> _Source material_:
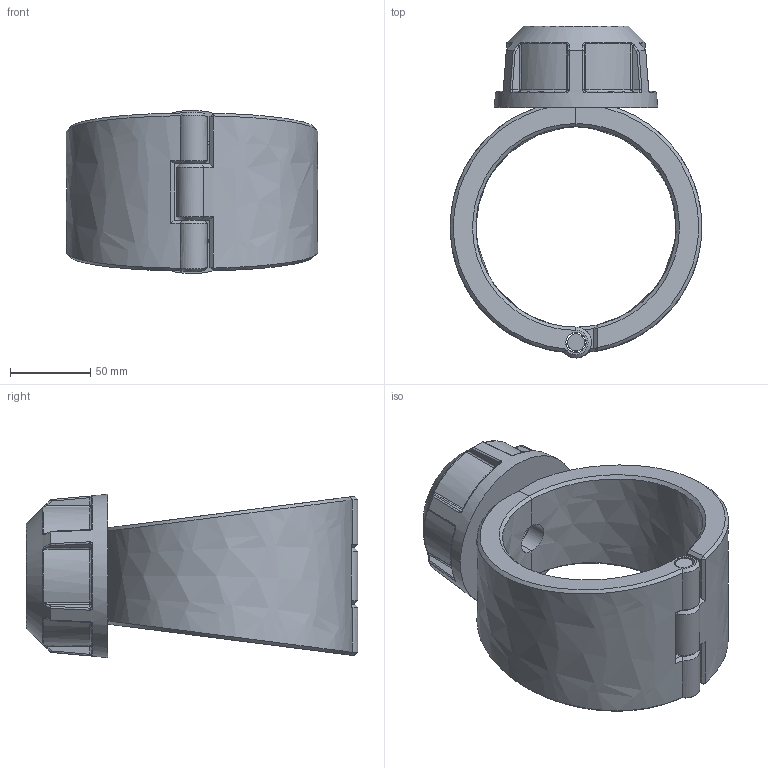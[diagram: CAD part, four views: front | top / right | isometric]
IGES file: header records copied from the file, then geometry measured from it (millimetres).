
Global section: file name: 163000125013; native system: Autodesk Inventor 2019; preprocessor: unknown; author: comp2; date: 20220203.115052; units: millimetre
Bounding box: 156.99 x 207 x 101.92 mm (x, y, z)
Volume: 805619.6 mm3; surface area: 127302.5 mm2
Topology: 4 solids, 4 shells, 203 faces, 486 edges, 293 vertices
Faces by surface type: bspline 203
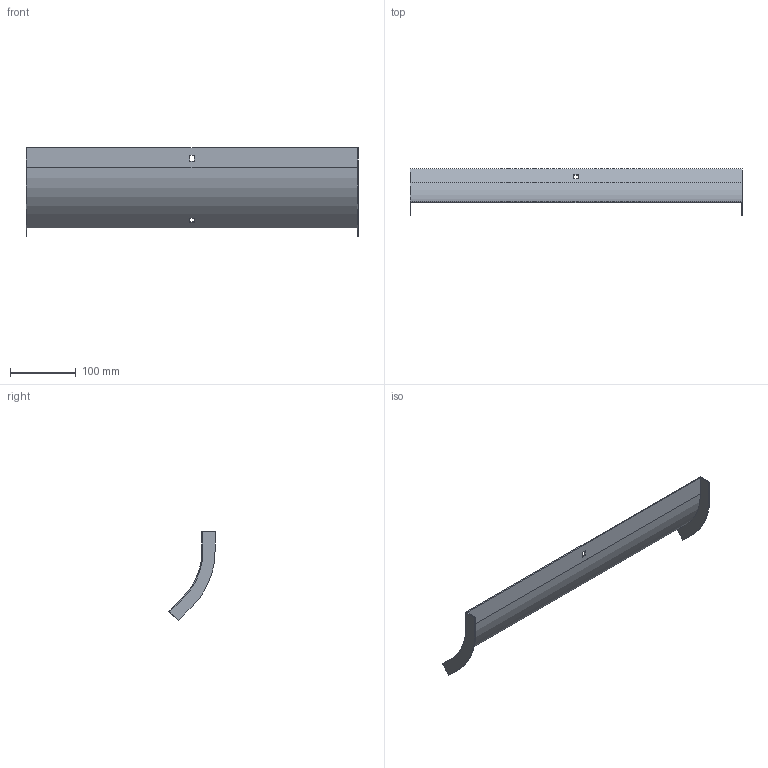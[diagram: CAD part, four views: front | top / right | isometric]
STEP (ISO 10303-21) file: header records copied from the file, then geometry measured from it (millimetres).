
FILE_DESCRIPTION (( 'STEP AP214' ), '1' );
FILE_NAME ('31G1P500.step', '2025-02-21T12:48:05', ( '' ), ( '' ), 'SwSTEP 2.0', 'SolidWorks 2023', '' );
FILE_SCHEMA (( 'AUTOMOTIVE_DESIGN' ));
Length unit declared in the file: millimetre
Products named in the file (1): 31G1P500
Bounding box: 504 x 70.06 x 135.01 mm (x, y, z)
Volume: 112207.4 mm3; surface area: 151783.4 mm2
Topology: 1 solids, 1 shells, 26 faces, 72 edges, 48 vertices
Faces by surface type: plane 22, cylinder 4
Entity records: 855 total; most frequent: CARTESIAN_POINT 147, ORIENTED_EDGE 144, DIRECTION 134, EDGE_CURVE 72, LINE 64, VECTOR 64, VERTEX_POINT 48, AXIS2_PLACEMENT_3D 35
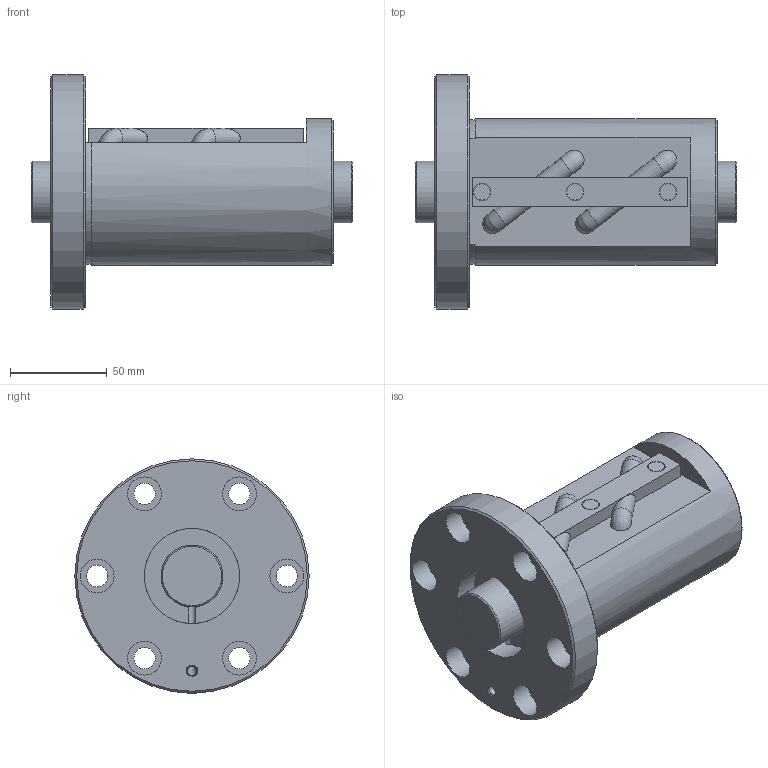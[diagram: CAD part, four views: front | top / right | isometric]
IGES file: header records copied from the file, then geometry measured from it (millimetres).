
Start section: Data from Parasolid IGES Translator 26.0.171, Copyright(c) 2006 Siemens PLM Software. All Rights Reserved.
Global section: file name: BIF3212V-7RRG0+166LC0_000.igs; native system: By Siemens PLM Incorporated; preprocessor: XPlus GENERIC/IGES 26.0.171; author: Noname; organization: Noname; date: 20240715.082328; units: millimetre
Bounding box: 166 x 121 x 121 mm (x, y, z)
Surface area: 100212.4 mm2 (no closed solid volume)
Topology: 0 solids, 0 shells, 93 faces, 434 edges, 388 vertices
Faces by surface type: revolution 50, extrusion 43

> _What is being asked_:
Repeat every line above exactly, but omit all images.

> _Answer space_:
[diagram: CAD part, four views: front | top / right | isometric]
IGES file: header records copied from the file, then geometry measured from it (millimetres).
Global section: file name: 163000125013; native system: Autodesk Inventor 2019; preprocessor: unknown; author: comp2; date: 20220203.115052; units: millimetre
Bounding box: 156.99 x 207 x 101.92 mm (x, y, z)
Volume: 805619.6 mm3; surface area: 127302.5 mm2
Topology: 4 solids, 4 shells, 203 faces, 486 edges, 293 vertices
Faces by surface type: bspline 203
[diagram: CAD part, four views: front | top / right | isometric]
STEP (ISO 10303-21) file: header records copied from the file, then geometry measured from it (millimetres).
FILE_DESCRIPTION (( 'STEP AP214' ), '1' );
FILE_NAME ('31G1P500.step', '2025-02-21T12:48:05', ( '' ), ( '' ), 'SwSTEP 2.0', 'SolidWorks 2023', '' );
FILE_SCHEMA (( 'AUTOMOTIVE_DESIGN' ));
Length unit declared in the file: millimetre
Products named in the file (1): 31G1P500
Bounding box: 504 x 70.06 x 135.01 mm (x, y, z)
Volume: 112207.4 mm3; surface area: 151783.4 mm2
Topology: 1 solids, 1 shells, 26 faces, 72 edges, 48 vertices
Faces by surface type: plane 22, cylinder 4
Entity records: 855 total; most frequent: CARTESIAN_POINT 147, ORIENTED_EDGE 144, DIRECTION 134, EDGE_CURVE 72, LINE 64, VECTOR 64, VERTEX_POINT 48, AXIS2_PLACEMENT_3D 35
[diagram: CAD part, four views: front | top / right | isometric]
IGES file: header records copied from the file, then geometry measured from it (millimetres).
Start section: Data from Parasolid IGES Translator 26.0.171, Copyright(c) 2006 Siemens PLM Software. All Rights Reserved.
Global section: file name: BIF3212V-7RRG0+166LC0_000.igs; native system: By Siemens PLM Incorporated; preprocessor: XPlus GENERIC/IGES 26.0.171; author: Noname; organization: Noname; date: 20240715.082328; units: millimetre
Bounding box: 166 x 121 x 121 mm (x, y, z)
Surface area: 100212.4 mm2 (no closed solid volume)
Topology: 0 solids, 0 shells, 93 faces, 434 edges, 388 vertices
Faces by surface type: revolution 50, extrusion 43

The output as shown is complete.